**Work request**. Where a line of the material contains the string "linetype", copy that line.

####

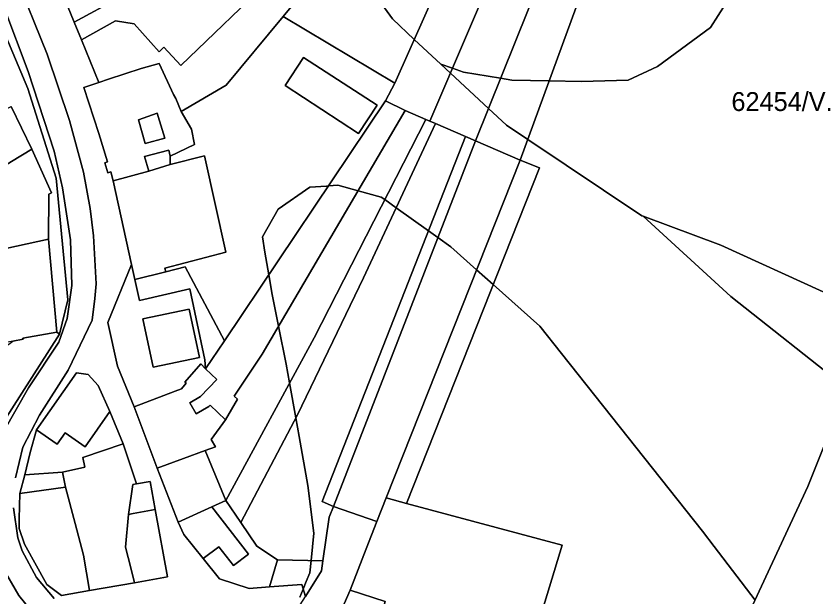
# Model space of a CAD drawing. Extents: x -522079 to -518833, y -1142400 to -1139961.
# Drawn here: x -520338.9 to -520127.5, y -1141173.1 to -1141019.5 of the extents above; entities that cross this region are included whole.
import ezdxf

# ---------------------------------------------------------------- set-up
doc = ezdxf.new("R2010")
doc.units = 0
for name, color, linetype in [('95560013', 7, 'Continuous'), ('95590013', 7, 'Continuous'), ('95640013', 7, 'Continuous'), ('95660013', 7, 'Continuous')]:
    doc.layers.add(name, color=color, linetype=linetype)

msp = doc.modelspace()

# ---------------------------------------------------------------- linework, layer by layer
at = {"layer": '95560013'}
for points in [[(-520205.51, -1141057.7), (-520170.88, -1140963.13), (-520079.53, -1141019.58), (-520129.38, -1141144.09), (-520158.56, -1141206.98), (-520178.85, -1141202.22), (-520209, -1141207.86), (-520194.38, -1141159.65), (-520235.62, -1141148.58), (-520200.4, -1141059.73)], [(-520079.53, -1141019.58), (-520032.33, -1141047.7), (-519951.21, -1141077.01), (-519948.1, -1141084.44), (-519980.55, -1141165.39), (-520014.17, -1141252.24), (-520020.92, -1141254.2), (-520158.56, -1141206.98), (-520129.38, -1141144.09)]]:
    msp.add_lwpolyline(points, close=True, dxfattribs=at)
at = {"layer": '95590013'}
for points in [[(-520278.46, -1140964.1), (-520294.61, -1140946.2), (-520299.04, -1140950.24), (-520300.74, -1140948.36), (-520257.36, -1140921.21), (-520246.32, -1140932.55), (-520237.12, -1140923.52), (-520250.18, -1140910.34), (-520199.46, -1140857.65), (-520181.95, -1140869.32), (-520182.55, -1140869.96), (-520164.55, -1140881.96), (-520151.68, -1140896.26), (-520156.19, -1140899.86), (-520180.26, -1140950.09), (-520199.25, -1140950.43), (-520200.79, -1140952.24), (-520238.67, -1141037.33), (-520268.23, -1141019.69), (-520245.17, -1140991.88)], [(-520235.95, -1141044.56), (-520241.17, -1141042.05), (-520238.67, -1141037.33), (-520200.79, -1140952.24), (-520189.01, -1140952.86), (-520229.4, -1141047.39), (-520230.46, -1141046.93)], [(-520181.77, -1140953.24), (-520178.74, -1140956.58), (-520217.35, -1141052.59), (-520219.97, -1141051.46), (-520227.89, -1141048.04), (-520229.4, -1141047.39), (-520189.01, -1140952.86)], [(-520217.35, -1141052.59), (-520178.74, -1140956.58), (-520175.23, -1140960.44), (-520170.88, -1140963.13), (-520205.51, -1141057.7)], [(-520291.66, -1141053.56), (-520292.48, -1141049.55), (-520295.18, -1141044.79), (-520283.27, -1141037.84), (-520268.23, -1141019.69), (-520238.67, -1141037.33), (-520241.17, -1141042.05), (-520283.75, -1141105.56), (-520294.2, -1141085.93), (-520299.29, -1141087.24), (-520299.54, -1141086.27), (-520283.36, -1141082.1), (-520289.01, -1141056.56), (-520298.12, -1141058.85), (-520298.11, -1141056.69)], [(-520262.81, -1141030.49), (-520267.66, -1141037.99), (-520248.33, -1141050.65), (-520243.34, -1141043.16)], [(-520280.3, -1141121.02), (-520283.49, -1141126.48), (-520287.59, -1141122.55), (-520287.92, -1141122.9), (-520291.23, -1141124.89), (-520292.95, -1141121.95), (-520290.1, -1141120.29), (-520285.76, -1141115.8), (-520288.75, -1141112.92), (-520283.75, -1141105.56), (-520241.17, -1141042.05), (-520235.95, -1141044.56), (-520273.79, -1141109.04), (-520281.17, -1141120.23)], [(-520288.84, -1141134.57), (-520286.17, -1141133.59), (-520287.28, -1141131.69), (-520283.49, -1141126.48), (-520280.3, -1141121.02), (-520281.17, -1141120.23), (-520273.79, -1141109.04), (-520235.95, -1141044.56), (-520230.46, -1141046.93), (-520260.05, -1141104.78), (-520283.41, -1141147.79)], [(-520229.4, -1141047.39), (-520227.89, -1141048.04), (-520246.96, -1141088.89), (-520264.44, -1141125.14), (-520279.46, -1141153.62), (-520283.41, -1141147.79), (-520260.05, -1141104.78), (-520230.46, -1141046.93)], [(-520264.44, -1141125.14), (-520246.96, -1141088.89), (-520227.89, -1141048.04), (-520219.97, -1141051.46), (-520257.88, -1141148.13), (-520254.95, -1141149.39), (-520256.03, -1141152.27), (-520257.71, -1141163.82), (-520269.77, -1141163.56), (-520275.19, -1141159.91), (-520279.46, -1141153.62)], [(-520205.51, -1141057.7), (-520240.94, -1141147.15), (-520243.41, -1141153.37), (-520254.95, -1141149.39), (-520217.35, -1141052.59)], [(-520200.4, -1141059.73), (-520235.62, -1141148.58), (-520240.94, -1141147.15), (-520205.51, -1141057.7)], [(-520309.19, -1141151.52), (-520308.03, -1141143.58), (-520307.07, -1141143.41), (-520303.47, -1141142.76), (-520302.11, -1141150.23), (-520307.91, -1141151.29)], [(-520275.19, -1141159.91), (-520269.77, -1141163.56), (-520271.87, -1141170.72), (-520277.22, -1141171.12), (-520285.07, -1141168.6), (-520289.43, -1141163.17), (-520285.21, -1141160.06), (-520281.38, -1141165.06), (-520277.44, -1141162.04), (-520287.07, -1141149.47), (-520283.41, -1141147.79), (-520279.46, -1141153.62)], [(-520209, -1141207.86), (-520222.29, -1141209.66), (-520219.73, -1141201.41), (-520215.84, -1141187.57), (-520242.23, -1141179.94), (-520242.77, -1141179.78), (-520241.26, -1141174.54), (-520250.48, -1141171.53), (-520246.26, -1141160.66), (-520243.41, -1141153.37), (-520240.94, -1141147.15), (-520235.62, -1141148.58), (-520194.38, -1141159.65)], [(-520243.41, -1141153.37), (-520246.26, -1141160.66), (-520250.48, -1141171.53), (-520253.97, -1141179.43), (-520255.51, -1141182.9), (-520257.33, -1141187.03), (-520257.63, -1141187.7), (-520267.83, -1141182.58), (-520262.19, -1141185.29), (-520260.45, -1141181.87), (-520258.53, -1141178.07), (-520263.7, -1141175.46), (-520262.34, -1141173.28), (-520258.09, -1141166.43), (-520257.71, -1141163.82), (-520256.03, -1141152.27), (-520254.95, -1141149.39)], [(-520241.26, -1141174.54), (-520242.77, -1141179.78), (-520243.9, -1141183.68), (-520253.97, -1141179.43), (-520250.48, -1141171.53)]]:
    msp.add_lwpolyline(points, close=True, dxfattribs=at)
msp.add_lwpolyline([(-520245.17, -1140991.88), (-520268.23, -1141019.69), (-520283.27, -1141037.84), (-520295.18, -1141044.79), (-520296.61, -1141041.42), (-520297.24, -1141040.29), (-520301.05, -1141032.14), (-520305.82, -1141033.42), (-520314.43, -1141036.29), (-520317.01, -1141037.16), (-520321.6, -1141025.87), (-520312.58, -1141020.86), (-520307.7, -1141021.63), (-520301.02, -1141029.07), (-520299.78, -1141027.82), (-520295.32, -1141032.65), (-520270.67, -1141008.89)], dxfattribs=at)
at = {"layer": '95640013'}
for points in [[(-520371.53, -1140953.82), (-520335.76, -1141038.73), (-520328.34, -1141062.52), (-520325.25, -1141094.67), (-520327.42, -1141103.8), (-520328.09, -1141103.27), (-520330.35, -1141078.64), (-520330.22, -1141066.74), (-520329.51, -1141066.36), (-520334.74, -1141054.84), (-520340.18, -1141043.47)], [(-520344.78, -1141130.88), (-520327.42, -1141103.8), (-520325.25, -1141094.67), (-520328.34, -1141062.52), (-520335.76, -1141038.73), (-520371.53, -1140953.82)], [(-520339.2, -1141008.34), (-520330.66, -1141029.65), (-520324.76, -1141047.17), (-520321.07, -1141060.89), (-520319.27, -1141070.53), (-520318.44, -1141077.73), (-520317.76, -1141090.48), (-520318.04, -1141094.37), (-520318.78, -1141100.08), (-520325.12, -1141113.35), (-520332.74, -1141125.19), (-520337.15, -1141133.73), (-520339.09, -1141141.84)], [(-520339.09, -1141141.84), (-520337.15, -1141133.73), (-520332.74, -1141125.19), (-520325.12, -1141113.35), (-520318.78, -1141100.08), (-520318.04, -1141094.37), (-520317.76, -1141090.48), (-520318.44, -1141077.73), (-520319.27, -1141070.53), (-520321.07, -1141060.89), (-520324.76, -1141047.17), (-520330.66, -1141029.65), (-520339.2, -1141008.34)], [(-520328.8, -1141008.12), (-520323.52, -1141021.14), (-520321.6, -1141025.87), (-520317.01, -1141037.16), (-520320.97, -1141038.48), (-520317.05, -1141050.62), (-520314.7, -1141058.15), (-520315.46, -1141058.39), (-520314.63, -1141061.07), (-520313.88, -1141060.82), (-520313.18, -1141063.23), (-520308.39, -1141085.31), (-520314.66, -1141100.66), (-520312.08, -1141112.23), (-520307.67, -1141123.05), (-520305.82, -1141127.93), (-520301.56, -1141139.26), (-520296.03, -1141153.59), (-520294.54, -1141156.83), (-520289.43, -1141163.17), (-520285.07, -1141168.6), (-520277.22, -1141171.12), (-520271.87, -1141170.72), (-520263.33, -1141170.08), (-520262.34, -1141173.28)], [(-520342.14, -1141129.51), (-520335.59, -1141118), (-520327.56, -1141105.89), (-520325.35, -1141099.6), (-520324.16, -1141090.88), (-520324.51, -1141078.81), (-520326.63, -1141065), (-520328.86, -1141055.37), (-520335.75, -1141034.28), (-520342.18, -1141017.11)], [(-520342.18, -1141017.11), (-520335.75, -1141034.28), (-520328.86, -1141055.37), (-520326.63, -1141065), (-520324.51, -1141078.81), (-520324.16, -1141090.88), (-520325.35, -1141099.6), (-520327.56, -1141105.89), (-520335.59, -1141118), (-520342.14, -1141129.51)], [(-520425.27, -1141175.41), (-520408.18, -1141157.48), (-520397.97, -1141139.24), (-520387.46, -1141120.02), (-520366.58, -1141115.24), (-520361.02, -1141115.3), (-520345.24, -1141109.63), (-520339.78, -1141105.62), (-520337.04, -1141105.09), (-520337.09, -1141104.85), (-520328.09, -1141103.27), (-520327.42, -1141103.8), (-520344.78, -1141130.88), (-520344.38, -1141136.25), (-520345.84, -1141145.82), (-520345.14, -1141156.25), (-520343.69, -1141161.58), (-520342.68, -1141165.24), (-520338.22, -1141172.95), (-520335.19, -1141176.69)], [(-520339.64, -1141149.76), (-520338.41, -1141157.75), (-520337.34, -1141161.13), (-520333.5, -1141168.21), (-520328.85, -1141173.77)], [(-520328.85, -1141173.77), (-520333.5, -1141168.21), (-520337.34, -1141161.13), (-520338.41, -1141157.75), (-520339.64, -1141149.76)], [(-520335.19, -1141176.69), (-520338.22, -1141172.95), (-520342.68, -1141165.24)]]:
    msp.add_lwpolyline(points, dxfattribs=at)
for points in [[(-520310.61, -1141006.67), (-520315.31, -1141011.02), (-520311.83, -1141014.78), (-520323.52, -1141021.14), (-520328.8, -1141008.12), (-520322.15, -1141002.36), (-520288.83, -1140973.5), (-520288.51, -1140973.21), (-520285.91, -1140975.7), (-520297.15, -1140986.51), (-520314.09, -1141002.81)], [(-520261.15, -1140992.05), (-520264.81, -1140995.88), (-520260.98, -1140999.54), (-520270.67, -1141008.89), (-520295.32, -1141032.65), (-520299.78, -1141027.82), (-520301.02, -1141029.07), (-520307.7, -1141021.63), (-520312.58, -1141020.86), (-520321.6, -1141025.87), (-520323.52, -1141021.14), (-520311.83, -1141014.78), (-520315.31, -1141011.02), (-520310.61, -1141006.67), (-520314.09, -1141002.81), (-520297.15, -1140986.51), (-520285.91, -1140975.7), (-520279.41, -1140981.92), (-520275.75, -1140978.09)], [(-520262.81, -1141030.49), (-520243.34, -1141043.16), (-520248.33, -1141050.65), (-520267.66, -1141037.99)], [(-520317.05, -1141050.62), (-520320.97, -1141038.48), (-520317.01, -1141037.16), (-520314.43, -1141036.29), (-520305.82, -1141033.42), (-520301.05, -1141032.14), (-520297.24, -1141040.29), (-520296.61, -1141041.42), (-520295.18, -1141044.79), (-520292.48, -1141049.55), (-520291.66, -1141053.56), (-520298.11, -1141056.69), (-520298.5, -1141055.07), (-520304.9, -1141056.77), (-520303.8, -1141060.64), (-520313.18, -1141063.23), (-520313.88, -1141060.82), (-520314.63, -1141061.07), (-520315.46, -1141058.39), (-520314.7, -1141058.15)], [(-520348.84, -1141047.55), (-520340.18, -1141043.47), (-520334.74, -1141054.84), (-520340.14, -1141058.06), (-520353.1, -1141065.99), (-520355.55, -1141067.49), (-520365.3, -1141073.88), (-520371.97, -1141078.27), (-520384.48, -1141082.4), (-520390.79, -1141066.51), (-520380.42, -1141062.83), (-520367.77, -1141056.92), (-520360.31, -1141053.23)], [(-520301.57, -1141045.28), (-520306.5, -1141047.04), (-520304.78, -1141053.3), (-520299.56, -1141051.86), (-520300.92, -1141047.3)], [(-520306.5, -1141047.04), (-520301.57, -1141045.28), (-520300.92, -1141047.3), (-520299.56, -1141051.86), (-520304.78, -1141053.3)], [(-520217.35, -1141052.59), (-520254.95, -1141149.39), (-520257.88, -1141148.13), (-520219.97, -1141051.46)], [(-520334.74, -1141054.84), (-520329.51, -1141066.36), (-520330.22, -1141066.74), (-520330.35, -1141078.64), (-520359.41, -1141084.99), (-520360.71, -1141085.77), (-520365.3, -1141073.88), (-520355.55, -1141067.49), (-520353.1, -1141065.99), (-520340.14, -1141058.06)], [(-520298.11, -1141056.69), (-520298.12, -1141058.85), (-520303.8, -1141060.64), (-520304.9, -1141056.77), (-520298.5, -1141055.07)], [(-520308.39, -1141085.31), (-520313.18, -1141063.23), (-520303.8, -1141060.64), (-520298.12, -1141058.85), (-520289.01, -1141056.56), (-520283.36, -1141082.1), (-520299.54, -1141086.27), (-520299.29, -1141087.24), (-520307.52, -1141089.35)], [(-520374.68, -1141099.98), (-520375.66, -1141093.7), (-520374.62, -1141093.47), (-520366.94, -1141090.81), (-520364.74, -1141089.55), (-520364.98, -1141088.31), (-520360.71, -1141085.77), (-520359.41, -1141084.99), (-520330.35, -1141078.64), (-520328.09, -1141103.27), (-520337.09, -1141104.85), (-520337.04, -1141105.09), (-520339.78, -1141105.62), (-520356.84, -1141108.9), (-520357.5, -1141105.49), (-520361.02, -1141115.3), (-520366.58, -1141115.24), (-520368.35, -1141107.89), (-520395.09, -1141114.42), (-520397.79, -1141103.97)], [(-520307.67, -1141123.05), (-520312.08, -1141112.23), (-520314.66, -1141100.66), (-520308.39, -1141085.31), (-520307.52, -1141089.35), (-520306.28, -1141094.87), (-520292.97, -1141091.81), (-520289, -1141110.56), (-520288.75, -1141112.92), (-520290.03, -1141111.68), (-520294.23, -1141116.47), (-520293.88, -1141116.78), (-520295.14, -1141118.22), (-520296.78, -1141118.85)], [(-520283.75, -1141105.56), (-520288.75, -1141112.92), (-520289, -1141110.56), (-520292.97, -1141091.81), (-520306.28, -1141094.87), (-520307.52, -1141089.35), (-520299.29, -1141087.24), (-520294.2, -1141085.93)], [(-520290.35, -1141109.96), (-520293.08, -1141097.17), (-520305.34, -1141099.75), (-520302.64, -1141112.56)], [(-520305.34, -1141099.75), (-520293.08, -1141097.17), (-520290.35, -1141109.96), (-520302.64, -1141112.56)], [(-520301.56, -1141139.26), (-520305.82, -1141127.93), (-520307.67, -1141123.05), (-520296.78, -1141118.85), (-520295.14, -1141118.22), (-520293.88, -1141116.78), (-520294.23, -1141116.47), (-520290.03, -1141111.68), (-520288.75, -1141112.92), (-520285.76, -1141115.8), (-520290.1, -1141120.29), (-520292.95, -1141121.95), (-520291.23, -1141124.89), (-520287.92, -1141122.9), (-520287.59, -1141122.55), (-520283.49, -1141126.48), (-520287.28, -1141131.69), (-520286.17, -1141133.59), (-520288.84, -1141134.57), (-520294.61, -1141136.72)], [(-520333.47, -1141129.1), (-520335.21, -1141135.1), (-520336.61, -1141141.05), (-520337.89, -1141145.94), (-520338.1, -1141152.71), (-520338.08, -1141155.23), (-520336.67, -1141159.38), (-520330.81, -1141170.06), (-520326.87, -1141172.95), (-520319.49, -1141171.67), (-520307.53, -1141169.64), (-520298.87, -1141168.07), (-520302.11, -1141150.23), (-520303.47, -1141142.76), (-520307.07, -1141143.41), (-520310.58, -1141132.78), (-520314.1, -1141124.27), (-520317.19, -1141117.39), (-520319.83, -1141114.42), (-520322.89, -1141113.99)], [(-520328.05, -1141132.9), (-520333.47, -1141129.1), (-520322.89, -1141113.99), (-520319.83, -1141114.42), (-520317.19, -1141117.39), (-520314.1, -1141124.27), (-520320.65, -1141133.62), (-520325.95, -1141129.91)], [(-520326.63, -1141140.31), (-520336.61, -1141141.05), (-520335.21, -1141135.1), (-520333.47, -1141129.1), (-520328.05, -1141132.9), (-520325.95, -1141129.91), (-520320.65, -1141133.62), (-520314.1, -1141124.27), (-520310.58, -1141132.78), (-520321.22, -1141136.45), (-520320.69, -1141138.98)], [(-520320.69, -1141138.98), (-520321.22, -1141136.45), (-520310.58, -1141132.78), (-520307.07, -1141143.41), (-520308.03, -1141143.58), (-520309.19, -1141151.52), (-520309.97, -1141160.19), (-520308.56, -1141165.63), (-520307.53, -1141169.64), (-520319.49, -1141171.67), (-520321.08, -1141162.3), (-520323.24, -1141153.9), (-520325.8, -1141144.31), (-520326.63, -1141140.31)], [(-520283.41, -1141147.79), (-520287.07, -1141149.47), (-520296.03, -1141153.59), (-520301.56, -1141139.26), (-520294.61, -1141136.72), (-520288.84, -1141134.57)], [(-520337.89, -1141145.94), (-520336.61, -1141141.05), (-520326.63, -1141140.31), (-520325.8, -1141144.31)], [(-520319.49, -1141171.67), (-520326.87, -1141172.95), (-520330.81, -1141170.06), (-520336.67, -1141159.38), (-520338.08, -1141155.23), (-520338.1, -1141152.71), (-520337.89, -1141145.94), (-520325.8, -1141144.31), (-520323.24, -1141153.9), (-520321.08, -1141162.3)], [(-520309.19, -1141151.52), (-520307.91, -1141151.29), (-520302.11, -1141150.23), (-520298.87, -1141168.07), (-520307.53, -1141169.64), (-520308.56, -1141165.63), (-520309.97, -1141160.19)], [(-520296.03, -1141153.59), (-520287.07, -1141149.47), (-520277.44, -1141162.04), (-520281.38, -1141165.06), (-520285.21, -1141160.06), (-520289.43, -1141163.17), (-520294.54, -1141156.83)], [(-520269.77, -1141163.56), (-520257.71, -1141163.82), (-520258.09, -1141166.43), (-520262.34, -1141173.28), (-520263.33, -1141170.08), (-520271.87, -1141170.72)]]:
    msp.add_lwpolyline(points, close=True, dxfattribs=at)
at = {"layer": '95660013'}
for points in [[(-520253.02, -1141001.35), (-520239.33, -1141020.32), (-520233.52, -1141025.76), (-520226.54, -1141032.29), (-520223.97, -1141034.69), (-520213.91, -1141044.05), (-520209.15, -1141048.48), (-520203.51, -1141052.25), (-520173.32, -1141072.44), (-520172.96, -1141072.58), (-520149.72, -1141093.77), (-520118.98, -1141118.13)], [(-520149.01, -1141012.96), (-520155.09, -1141022.62), (-520169.13, -1141032.93), (-520176.88, -1141036.5), (-520189.25, -1141036.92), (-520197.83, -1141036.73), (-520207.68, -1141036.5), (-520210.68, -1141036.01), (-520220.47, -1141034.4), (-520223.41, -1141033.38), (-520226.54, -1141032.29), (-520233.52, -1141025.76), (-520239.33, -1141020.32), (-520253.02, -1141001.35)], [(-520125.34, -1141092.62), (-520152.37, -1141080.22), (-520172.96, -1141072.58), (-520173.32, -1141072.44), (-520203.51, -1141052.25), (-520209.15, -1141048.48), (-520213.91, -1141044.05), (-520223.97, -1141034.69), (-520226.54, -1141032.29), (-520223.41, -1141033.38), (-520220.47, -1141034.4), (-520210.68, -1141036.01), (-520207.68, -1141036.5), (-520197.83, -1141036.73), (-520189.25, -1141036.92), (-520176.88, -1141036.5), (-520169.13, -1141032.93), (-520155.09, -1141022.62), (-520149.01, -1141012.96)], [(-520263.83, -1141173.4), (-520262.95, -1141171.3), (-520262.1, -1141169.26), (-520261.14, -1141166.96), (-520260.82, -1141163.75), (-520260.09, -1141156.44), (-520261.66, -1141143.81), (-520263.98, -1141130.92), (-520264.87, -1141125.95), (-520266.53, -1141116.71), (-520267.43, -1141111.71), (-520269.44, -1141101.63), (-520271.1, -1141093.29), (-520272, -1141088.04), (-520273.04, -1141082.04), (-520273.73, -1141078.03), (-520269.53, -1141070.66), (-520261.14, -1141064.87), (-520256.72, -1141064.56), (-520256.23, -1141064.52), (-520253.79, -1141064.34), (-520248.42, -1141065.81), (-520242.25, -1141067.5), (-520241.32, -1141068.17), (-520238.3, -1141070.33), (-520229.77, -1141076.44), (-520227.3, -1141078.21), (-520223.89, -1141080.66), (-520217.03, -1141086.78), (-520212.66, -1141090.67), (-520200.28, -1141101.71), (-520194.6, -1141108.87), (-520157.27, -1141155.91), (-520154.17, -1141159.99), (-520143.35, -1141174.2)], [(-520143.35, -1141174.2), (-520154.17, -1141159.99), (-520157.27, -1141155.91), (-520194.6, -1141108.87), (-520200.28, -1141101.71), (-520212.66, -1141090.67), (-520217.03, -1141086.78), (-520223.89, -1141080.66), (-520227.3, -1141078.21), (-520229.77, -1141076.44), (-520238.3, -1141070.33), (-520241.32, -1141068.17), (-520242.25, -1141067.5), (-520248.42, -1141065.81), (-520253.79, -1141064.34), (-520256.23, -1141064.52), (-520256.72, -1141064.56), (-520261.14, -1141064.87), (-520269.53, -1141070.66), (-520273.73, -1141078.03), (-520273.04, -1141082.04), (-520272, -1141088.04), (-520271.1, -1141093.29), (-520269.44, -1141101.63), (-520267.43, -1141111.71), (-520266.53, -1141116.71), (-520264.87, -1141125.95), (-520263.98, -1141130.92), (-520261.66, -1141143.81), (-520260.09, -1141156.44), (-520260.82, -1141163.75), (-520261.14, -1141166.96), (-520262.1, -1141169.26), (-520262.95, -1141171.3), (-520263.83, -1141173.4)], [(-520118.98, -1141118.13), (-520149.72, -1141093.77), (-520172.96, -1141072.58), (-520152.37, -1141080.22), (-520125.34, -1141092.62)]]:
    msp.add_lwpolyline(points, dxfattribs=at)

# ---------------------------------------------------------------- texts
msp.add_text('62454/V.', height=5, rotation=0, dxfattribs=at).set_placement((-520149.59, -1141044.7))

doc.saveas('drawing.dxf')

####

**Answer space**.
for name, color, linetype in [('95560013', 7, 'Continuous'), ('95590013', 7, 'Continuous'), ('95640013', 7, 'Continuous'), ('95660013', 7, 'Continuous')]:
    doc.layers.add(name, color=color, linetype=linetype)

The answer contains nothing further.